= What you have to do =
An exact copy of the lines from the top of the data through the line with "# Units and contexts" is what you should give, with no pictures in it.

Dataset items:
━━━━━━━━━━━━━━━━
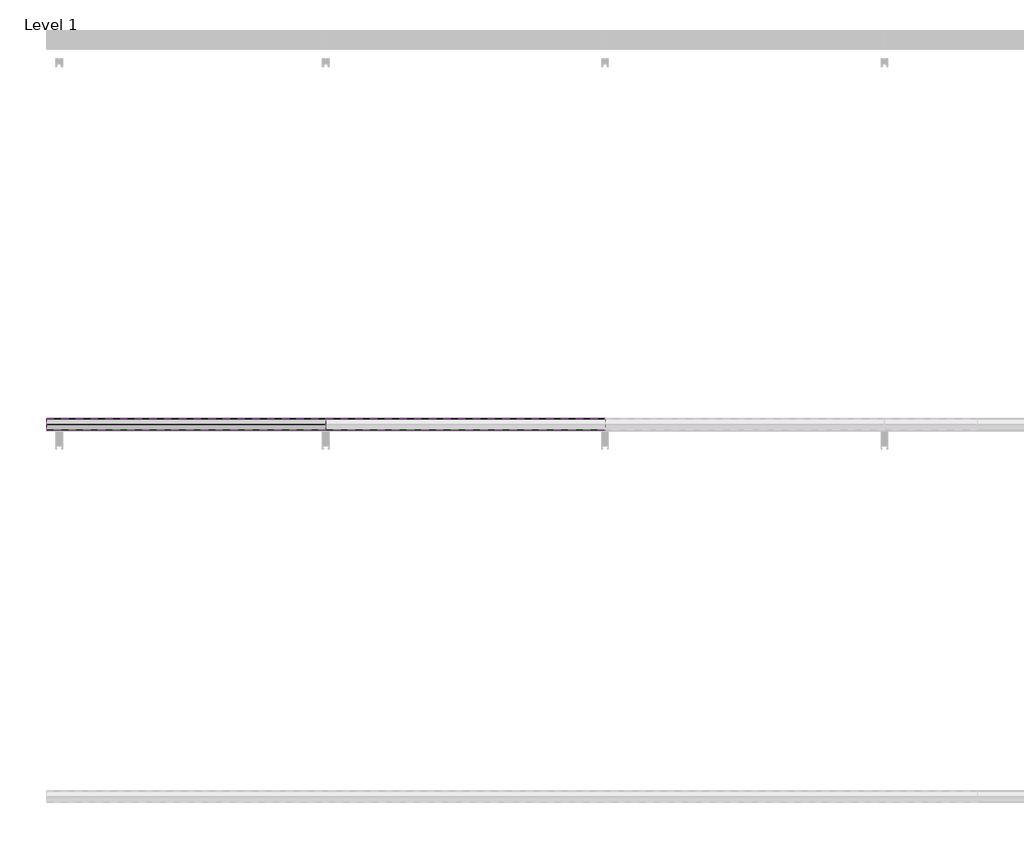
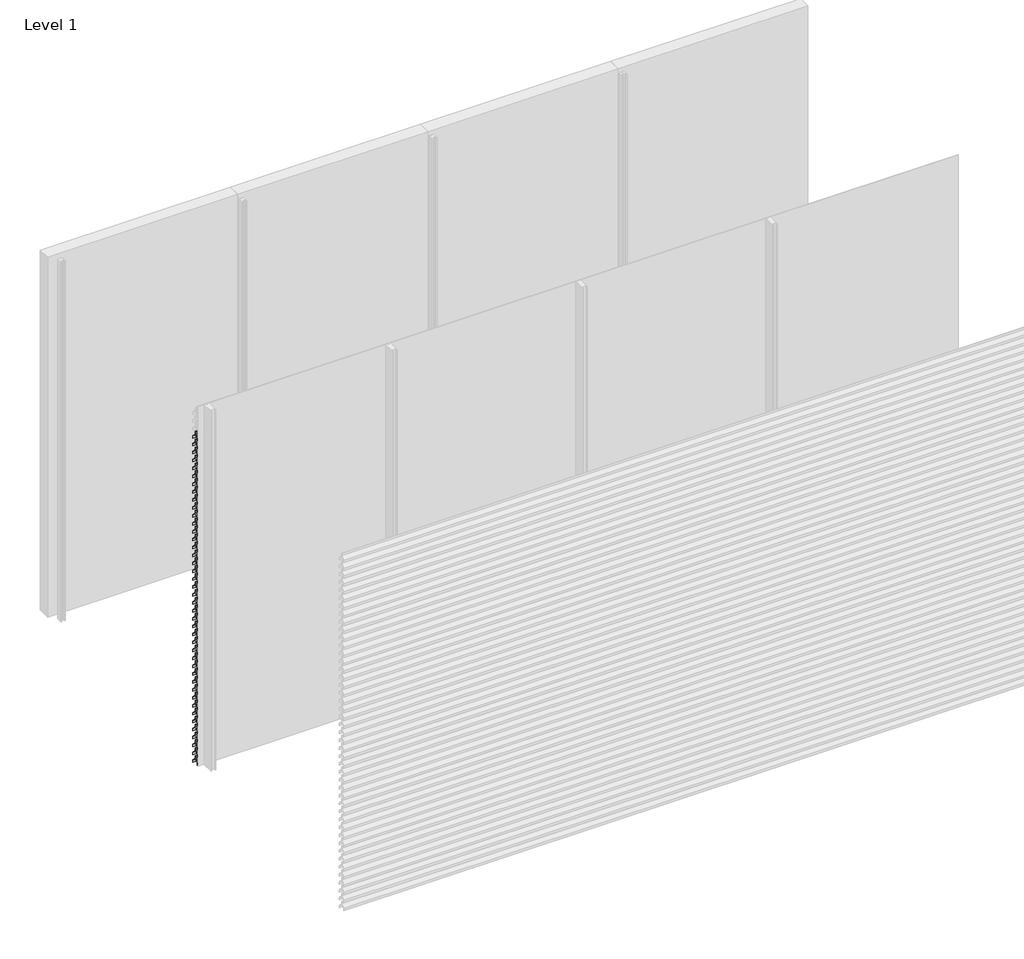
# One storey, part 23 of 35: 69 proxies.
"""IFC4 building model written with IfcOpenShell, lengths in millimetres."""

from ifc_helpers import new_model, si_unit, frame, origin, place, context, project, spatial, polyline, outline, extrude, element, save

model = new_model("IFC4")

# Units and contexts
model_context = context("Model", 3, world=origin())
ifc_project = project(units=[si_unit("LENGTHUNIT", "METRE", prefix="MILLI")], contexts=[model_context])

# Site, building, storey
site = spatial("IfcSite", under=ifc_project)
building = spatial("IfcBuilding", under=site)
storey = spatial("IfcBuildingStorey", under=building, Name="Level 1", Elevation=0.0)

# Proxies
placement = place(None, origin())
element("IfcBuildingElementProxy", 1, Name="Wall Sweeps", at=placement, inside=storey, context=model_context, shape_type="SweptSolid", body=[
    extrude(outline(polyline([(-17936.0, 2718.0), (-17936.0, 2698.0), (-17937.25, 2698.0), (-17937.25, 2717.4342979), (-17968.1138939, 2750.531772), (-17996.7, 2730.4392868), (-17996.7, 2711.6629874), (-17998.0, 2710.8506572), (-17998.0, 2731.1145472), (-17968.537525, 2751.823011), (-17968.537525, 2772.0), (-17967.1772624, 2772.0), (-17967.1772624, 2751.4335207), (-17936.0, 2718.0)])), frame((0.0, 0.0, 0.0), z_axis=(1.0, 0.0, 0.0), x_axis=(0.0, 1.0, 0.0)), (0.0, 0.0, 1.0), 1500.0),
])
element("IfcBuildingElementProxy", 2, Name="Wall Sweeps", at=placement, inside=storey, context=model_context, shape_type="SweptSolid", body=[
    extrude(outline(polyline([(-17936.0, 2652.0), (-17936.0, 2632.0), (-17937.25, 2632.0), (-17937.25, 2651.4342979), (-17968.1138939, 2684.531772), (-17996.7, 2664.4392868), (-17996.7, 2645.6629874), (-17998.0, 2644.8506572), (-17998.0, 2665.1145472), (-17968.537525, 2685.823011), (-17968.537525, 2706.0), (-17967.1772624, 2706.0), (-17967.1772624, 2685.4335207), (-17936.0, 2652.0)])), frame((0.0, 0.0, 0.0), z_axis=(1.0, 0.0, 0.0), x_axis=(0.0, 1.0, 0.0)), (0.0, 0.0, 1.0), 1500.0),
])
element("IfcBuildingElementProxy", 3, Name="Wall Sweeps", at=placement, inside=storey, context=model_context, shape_type="SweptSolid", body=[
    extrude(outline(polyline([(-17936.0, 2586.0), (-17936.0, 2566.0), (-17937.25, 2566.0), (-17937.25, 2585.4342979), (-17968.1138939, 2618.531772), (-17996.7, 2598.4392868), (-17996.7, 2579.6629874), (-17998.0, 2578.8506572), (-17998.0, 2599.1145472), (-17968.537525, 2619.823011), (-17968.537525, 2640.0), (-17967.1772624, 2640.0), (-17967.1772624, 2619.4335207), (-17936.0, 2586.0)])), frame((0.0, 0.0, 0.0), z_axis=(1.0, 0.0, 0.0), x_axis=(0.0, 1.0, 0.0)), (0.0, 0.0, 1.0), 1500.0),
])
element("IfcBuildingElementProxy", 4, Name="Wall Sweeps", at=placement, inside=storey, context=model_context, shape_type="SweptSolid", body=[
    extrude(outline(polyline([(-17936.0, 2520.0), (-17936.0, 2500.0), (-17937.25, 2500.0), (-17937.25, 2519.4342979), (-17968.1138939, 2552.531772), (-17996.7, 2532.4392868), (-17996.7, 2513.6629874), (-17998.0, 2512.8506572), (-17998.0, 2533.1145472), (-17968.537525, 2553.823011), (-17968.537525, 2574.0), (-17967.1772624, 2574.0), (-17967.1772624, 2553.4335207), (-17936.0, 2520.0)])), frame((0.0, 0.0, 0.0), z_axis=(1.0, 0.0, 0.0), x_axis=(0.0, 1.0, 0.0)), (0.0, 0.0, 1.0), 1500.0),
])
element("IfcBuildingElementProxy", 5, Name="Wall Sweeps", at=placement, inside=storey, context=model_context, shape_type="SweptSolid", body=[
    extrude(outline(polyline([(-17936.0, 2454.0), (-17936.0, 2434.0), (-17937.25, 2434.0), (-17937.25, 2453.4342979), (-17968.1138939, 2486.531772), (-17996.7, 2466.4392868), (-17996.7, 2447.6629874), (-17998.0, 2446.8506572), (-17998.0, 2467.1145472), (-17968.537525, 2487.823011), (-17968.537525, 2508.0), (-17967.1772624, 2508.0), (-17967.1772624, 2487.4335207), (-17936.0, 2454.0)])), frame((0.0, 0.0, 0.0), z_axis=(1.0, 0.0, 0.0), x_axis=(0.0, 1.0, 0.0)), (0.0, 0.0, 1.0), 1500.0),
])
element("IfcBuildingElementProxy", 6, Name="Wall Sweeps", at=placement, inside=storey, context=model_context, shape_type="SweptSolid", body=[
    extrude(outline(polyline([(-17936.0, 2388.0), (-17936.0, 2368.0), (-17937.25, 2368.0), (-17937.25, 2387.4342979), (-17968.1138939, 2420.531772), (-17996.7, 2400.4392868), (-17996.7, 2381.6629874), (-17998.0, 2380.8506572), (-17998.0, 2401.1145472), (-17968.537525, 2421.823011), (-17968.537525, 2442.0), (-17967.1772624, 2442.0), (-17967.1772624, 2421.4335207), (-17936.0, 2388.0)])), frame((0.0, 0.0, 0.0), z_axis=(1.0, 0.0, 0.0), x_axis=(0.0, 1.0, 0.0)), (0.0, 0.0, 1.0), 1500.0),
])
element("IfcBuildingElementProxy", 7, Name="Wall Sweeps", at=placement, inside=storey, context=model_context, shape_type="SweptSolid", body=[
    extrude(outline(polyline([(-17936.0, 2322.0), (-17936.0, 2302.0), (-17937.25, 2302.0), (-17937.25, 2321.4342979), (-17968.1138939, 2354.531772), (-17996.7, 2334.4392868), (-17996.7, 2315.6629874), (-17998.0, 2314.8506572), (-17998.0, 2335.1145472), (-17968.537525, 2355.823011), (-17968.537525, 2376.0), (-17967.1772624, 2376.0), (-17967.1772624, 2355.4335207), (-17936.0, 2322.0)])), frame((0.0, 0.0, 0.0), z_axis=(1.0, 0.0, 0.0), x_axis=(0.0, 1.0, 0.0)), (0.0, 0.0, 1.0), 1500.0),
])
element("IfcBuildingElementProxy", 8, Name="Wall Sweeps", at=placement, inside=storey, context=model_context, shape_type="SweptSolid", body=[
    extrude(outline(polyline([(-17936.0, 2256.0), (-17936.0, 2236.0), (-17937.25, 2236.0), (-17937.25, 2255.4342979), (-17968.1138939, 2288.531772), (-17996.7, 2268.4392868), (-17996.7, 2249.6629874), (-17998.0, 2248.8506572), (-17998.0, 2269.1145472), (-17968.537525, 2289.823011), (-17968.537525, 2310.0), (-17967.1772624, 2310.0), (-17967.1772624, 2289.4335207), (-17936.0, 2256.0)])), frame((0.0, 0.0, 0.0), z_axis=(1.0, 0.0, 0.0), x_axis=(0.0, 1.0, 0.0)), (0.0, 0.0, 1.0), 1500.0),
])
element("IfcBuildingElementProxy", 9, Name="Wall Sweeps", at=placement, inside=storey, context=model_context, shape_type="SweptSolid", body=[
    extrude(outline(polyline([(-17936.0, 2190.0), (-17936.0, 2170.0), (-17937.25, 2170.0), (-17937.25, 2189.4342979), (-17968.1138939, 2222.531772), (-17996.7, 2202.4392868), (-17996.7, 2183.6629874), (-17998.0, 2182.8506572), (-17998.0, 2203.1145472), (-17968.537525, 2223.823011), (-17968.537525, 2244.0), (-17967.1772624, 2244.0), (-17967.1772624, 2223.4335207), (-17936.0, 2190.0)])), frame((0.0, 0.0, 0.0), z_axis=(1.0, 0.0, 0.0), x_axis=(0.0, 1.0, 0.0)), (0.0, 0.0, 1.0), 1500.0),
])
element("IfcBuildingElementProxy", 10, Name="Wall Sweeps", at=placement, inside=storey, context=model_context, shape_type="SweptSolid", body=[
    extrude(outline(polyline([(-17936.0, 2124.0), (-17936.0, 2104.0), (-17937.25, 2104.0), (-17937.25, 2123.4342979), (-17968.1138939, 2156.531772), (-17996.7, 2136.4392868), (-17996.7, 2117.6629874), (-17998.0, 2116.8506572), (-17998.0, 2137.1145472), (-17968.537525, 2157.823011), (-17968.537525, 2178.0), (-17967.1772624, 2178.0), (-17967.1772624, 2157.4335207), (-17936.0, 2124.0)])), frame((0.0, 0.0, 0.0), z_axis=(1.0, 0.0, 0.0), x_axis=(0.0, 1.0, 0.0)), (0.0, 0.0, 1.0), 1500.0),
])
element("IfcBuildingElementProxy", 11, Name="Wall Sweeps", at=placement, inside=storey, context=model_context, shape_type="SweptSolid", body=[
    extrude(outline(polyline([(-17936.0, 2058.0), (-17936.0, 2038.0), (-17937.25, 2038.0), (-17937.25, 2057.4342979), (-17968.1138939, 2090.531772), (-17996.7, 2070.4392868), (-17996.7, 2051.6629874), (-17998.0, 2050.8506572), (-17998.0, 2071.1145472), (-17968.537525, 2091.823011), (-17968.537525, 2112.0), (-17967.1772624, 2112.0), (-17967.1772624, 2091.4335207), (-17936.0, 2058.0)])), frame((0.0, 0.0, 0.0), z_axis=(1.0, 0.0, 0.0), x_axis=(0.0, 1.0, 0.0)), (0.0, 0.0, 1.0), 1500.0),
])
element("IfcBuildingElementProxy", 12, Name="Wall Sweeps", at=placement, inside=storey, context=model_context, shape_type="SweptSolid", body=[
    extrude(outline(polyline([(-17936.0, 1992.0), (-17936.0, 1972.0), (-17937.25, 1972.0), (-17937.25, 1991.4342979), (-17968.1138939, 2024.531772), (-17996.7, 2004.4392868), (-17996.7, 1985.6629874), (-17998.0, 1984.8506572), (-17998.0, 2005.1145472), (-17968.537525, 2025.823011), (-17968.537525, 2046.0), (-17967.1772624, 2046.0), (-17967.1772624, 2025.4335207), (-17936.0, 1992.0)])), frame((0.0, 0.0, 0.0), z_axis=(1.0, 0.0, 0.0), x_axis=(0.0, 1.0, 0.0)), (0.0, 0.0, 1.0), 1500.0),
])
element("IfcBuildingElementProxy", 13, Name="Wall Sweeps", at=placement, inside=storey, context=model_context, shape_type="SweptSolid", body=[
    extrude(outline(polyline([(-17936.0, 1926.0), (-17936.0, 1906.0), (-17937.25, 1906.0), (-17937.25, 1925.4342979), (-17968.1138939, 1958.531772), (-17996.7, 1938.4392868), (-17996.7, 1919.6629874), (-17998.0, 1918.8506572), (-17998.0, 1939.1145472), (-17968.537525, 1959.823011), (-17968.537525, 1980.0), (-17967.1772624, 1980.0), (-17967.1772624, 1959.4335207), (-17936.0, 1926.0)])), frame((0.0, 0.0, 0.0), z_axis=(1.0, 0.0, 0.0), x_axis=(0.0, 1.0, 0.0)), (0.0, 0.0, 1.0), 1500.0),
])
element("IfcBuildingElementProxy", 14, Name="Wall Sweeps", at=placement, inside=storey, context=model_context, shape_type="SweptSolid", body=[
    extrude(outline(polyline([(-17936.0, 1860.0), (-17936.0, 1840.0), (-17937.25, 1840.0), (-17937.25, 1859.4342979), (-17968.1138939, 1892.531772), (-17996.7, 1872.4392868), (-17996.7, 1853.6629874), (-17998.0, 1852.8506572), (-17998.0, 1873.1145472), (-17968.537525, 1893.823011), (-17968.537525, 1914.0), (-17967.1772624, 1914.0), (-17967.1772624, 1893.4335207), (-17936.0, 1860.0)])), frame((0.0, 0.0, 0.0), z_axis=(1.0, 0.0, 0.0), x_axis=(0.0, 1.0, 0.0)), (0.0, 0.0, 1.0), 1500.0),
])
element("IfcBuildingElementProxy", 15, Name="Wall Sweeps", at=placement, inside=storey, context=model_context, shape_type="SweptSolid", body=[
    extrude(outline(polyline([(-17936.0, 1794.0), (-17936.0, 1774.0), (-17937.25, 1774.0), (-17937.25, 1793.4342979), (-17968.1138939, 1826.531772), (-17996.7, 1806.4392868), (-17996.7, 1787.6629874), (-17998.0, 1786.8506572), (-17998.0, 1807.1145472), (-17968.537525, 1827.823011), (-17968.537525, 1848.0), (-17967.1772624, 1848.0), (-17967.1772624, 1827.4335207), (-17936.0, 1794.0)])), frame((0.0, 0.0, 0.0), z_axis=(1.0, 0.0, 0.0), x_axis=(0.0, 1.0, 0.0)), (0.0, 0.0, 1.0), 1500.0),
])
element("IfcBuildingElementProxy", 16, Name="Wall Sweeps", at=placement, inside=storey, context=model_context, shape_type="SweptSolid", body=[
    extrude(outline(polyline([(-17936.0, 1728.0), (-17936.0, 1708.0), (-17937.25, 1708.0), (-17937.25, 1727.4342979), (-17968.1138939, 1760.531772), (-17996.7, 1740.4392868), (-17996.7, 1721.6629874), (-17998.0, 1720.8506572), (-17998.0, 1741.1145472), (-17968.537525, 1761.823011), (-17968.537525, 1782.0), (-17967.1772624, 1782.0), (-17967.1772624, 1761.4335207), (-17936.0, 1728.0)])), frame((0.0, 0.0, 0.0), z_axis=(1.0, 0.0, 0.0), x_axis=(0.0, 1.0, 0.0)), (0.0, 0.0, 1.0), 1500.0),
])
element("IfcBuildingElementProxy", 17, Name="Wall Sweeps", at=placement, inside=storey, context=model_context, shape_type="SweptSolid", body=[
    extrude(outline(polyline([(-17936.0, 1662.0), (-17936.0, 1642.0), (-17937.25, 1642.0), (-17937.25, 1661.4342979), (-17968.1138939, 1694.531772), (-17996.7, 1674.4392868), (-17996.7, 1655.6629874), (-17998.0, 1654.8506572), (-17998.0, 1675.1145472), (-17968.537525, 1695.823011), (-17968.537525, 1716.0), (-17967.1772624, 1716.0), (-17967.1772624, 1695.4335207), (-17936.0, 1662.0)])), frame((0.0, 0.0, 0.0), z_axis=(1.0, 0.0, 0.0), x_axis=(0.0, 1.0, 0.0)), (0.0, 0.0, 1.0), 1500.0),
])
element("IfcBuildingElementProxy", 18, Name="Wall Sweeps", at=placement, inside=storey, context=model_context, shape_type="SweptSolid", body=[
    extrude(outline(polyline([(-17936.0, 1596.0), (-17936.0, 1576.0), (-17937.25, 1576.0), (-17937.25, 1595.4342979), (-17968.1138939, 1628.531772), (-17996.7, 1608.4392868), (-17996.7, 1589.6629874), (-17998.0, 1588.8506572), (-17998.0, 1609.1145472), (-17968.537525, 1629.823011), (-17968.537525, 1650.0), (-17967.1772624, 1650.0), (-17967.1772624, 1629.4335207), (-17936.0, 1596.0)])), frame((0.0, 0.0, 0.0), z_axis=(1.0, 0.0, 0.0), x_axis=(0.0, 1.0, 0.0)), (0.0, 0.0, 1.0), 1500.0),
])
element("IfcBuildingElementProxy", 19, Name="Wall Sweeps", at=placement, inside=storey, context=model_context, shape_type="SweptSolid", body=[
    extrude(outline(polyline([(-17936.0, 1530.0), (-17936.0, 1510.0), (-17937.25, 1510.0), (-17937.25, 1529.4342979), (-17968.1138939, 1562.531772), (-17996.7, 1542.4392868), (-17996.7, 1523.6629874), (-17998.0, 1522.8506572), (-17998.0, 1543.1145472), (-17968.537525, 1563.823011), (-17968.537525, 1584.0), (-17967.1772624, 1584.0), (-17967.1772624, 1563.4335207), (-17936.0, 1530.0)])), frame((0.0, 0.0, 0.0), z_axis=(1.0, 0.0, 0.0), x_axis=(0.0, 1.0, 0.0)), (0.0, 0.0, 1.0), 1500.0),
])
element("IfcBuildingElementProxy", 20, Name="Wall Sweeps", at=placement, inside=storey, context=model_context, shape_type="SweptSolid", body=[
    extrude(outline(polyline([(-17936.0, 1464.0), (-17936.0, 1444.0), (-17937.25, 1444.0), (-17937.25, 1463.4342979), (-17968.1138939, 1496.531772), (-17996.7, 1476.4392868), (-17996.7, 1457.6629874), (-17998.0, 1456.8506572), (-17998.0, 1477.1145472), (-17968.537525, 1497.823011), (-17968.537525, 1518.0), (-17967.1772624, 1518.0), (-17967.1772624, 1497.4335207), (-17936.0, 1464.0)])), frame((0.0, 0.0, 0.0), z_axis=(1.0, 0.0, 0.0), x_axis=(0.0, 1.0, 0.0)), (0.0, 0.0, 1.0), 1500.0),
])
element("IfcBuildingElementProxy", 21, Name="Wall Sweeps", at=placement, inside=storey, context=model_context, shape_type="SweptSolid", body=[
    extrude(outline(polyline([(-17936.0, 1398.0), (-17936.0, 1378.0), (-17937.25, 1378.0), (-17937.25, 1397.4342979), (-17968.1138939, 1430.531772), (-17996.7, 1410.4392868), (-17996.7, 1391.6629874), (-17998.0, 1390.8506572), (-17998.0, 1411.1145472), (-17968.537525, 1431.823011), (-17968.537525, 1452.0), (-17967.1772624, 1452.0), (-17967.1772624, 1431.4335207), (-17936.0, 1398.0)])), frame((0.0, 0.0, 0.0), z_axis=(1.0, 0.0, 0.0), x_axis=(0.0, 1.0, 0.0)), (0.0, 0.0, 1.0), 1500.0),
])
element("IfcBuildingElementProxy", 22, Name="Wall Sweeps", at=placement, inside=storey, context=model_context, shape_type="SweptSolid", body=[
    extrude(outline(polyline([(-17936.0, 1332.0), (-17936.0, 1312.0), (-17937.25, 1312.0), (-17937.25, 1331.4342979), (-17968.1138939, 1364.531772), (-17996.7, 1344.4392868), (-17996.7, 1325.6629874), (-17998.0, 1324.8506572), (-17998.0, 1345.1145472), (-17968.537525, 1365.823011), (-17968.537525, 1386.0), (-17967.1772624, 1386.0), (-17967.1772624, 1365.4335207), (-17936.0, 1332.0)])), frame((0.0, 0.0, 0.0), z_axis=(1.0, 0.0, 0.0), x_axis=(0.0, 1.0, 0.0)), (0.0, 0.0, 1.0), 1500.0),
])
element("IfcBuildingElementProxy", 23, Name="Wall Sweeps", at=placement, inside=storey, context=model_context, shape_type="SweptSolid", body=[
    extrude(outline(polyline([(-17936.0, 1266.0), (-17936.0, 1246.0), (-17937.25, 1246.0), (-17937.25, 1265.4342979), (-17968.1138939, 1298.531772), (-17996.7, 1278.4392868), (-17996.7, 1259.6629874), (-17998.0, 1258.8506572), (-17998.0, 1279.1145472), (-17968.537525, 1299.823011), (-17968.537525, 1320.0), (-17967.1772624, 1320.0), (-17967.1772624, 1299.4335207), (-17936.0, 1266.0)])), frame((0.0, 0.0, 0.0), z_axis=(1.0, 0.0, 0.0), x_axis=(0.0, 1.0, 0.0)), (0.0, 0.0, 1.0), 1500.0),
])
element("IfcBuildingElementProxy", 24, Name="Wall Sweeps", at=placement, inside=storey, context=model_context, shape_type="SweptSolid", body=[
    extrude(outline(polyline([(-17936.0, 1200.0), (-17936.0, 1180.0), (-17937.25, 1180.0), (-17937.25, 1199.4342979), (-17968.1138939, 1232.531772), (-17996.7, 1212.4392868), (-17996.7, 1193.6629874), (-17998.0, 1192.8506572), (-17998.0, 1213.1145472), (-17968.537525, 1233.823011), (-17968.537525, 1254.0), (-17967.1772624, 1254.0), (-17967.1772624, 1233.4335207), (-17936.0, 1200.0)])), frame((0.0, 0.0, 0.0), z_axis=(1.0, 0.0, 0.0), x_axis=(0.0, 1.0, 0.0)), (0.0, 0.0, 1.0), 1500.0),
━━━━━━━━━━━━━━━━
= Response =
# One storey, part 23 of 35: 69 proxies.
"""IFC4 building model written with IfcOpenShell, lengths in millimetres."""

from ifc_helpers import new_model, si_unit, frame, origin, place, context, project, spatial, polyline, outline, extrude, element, save

model = new_model("IFC4")

# Units and contexts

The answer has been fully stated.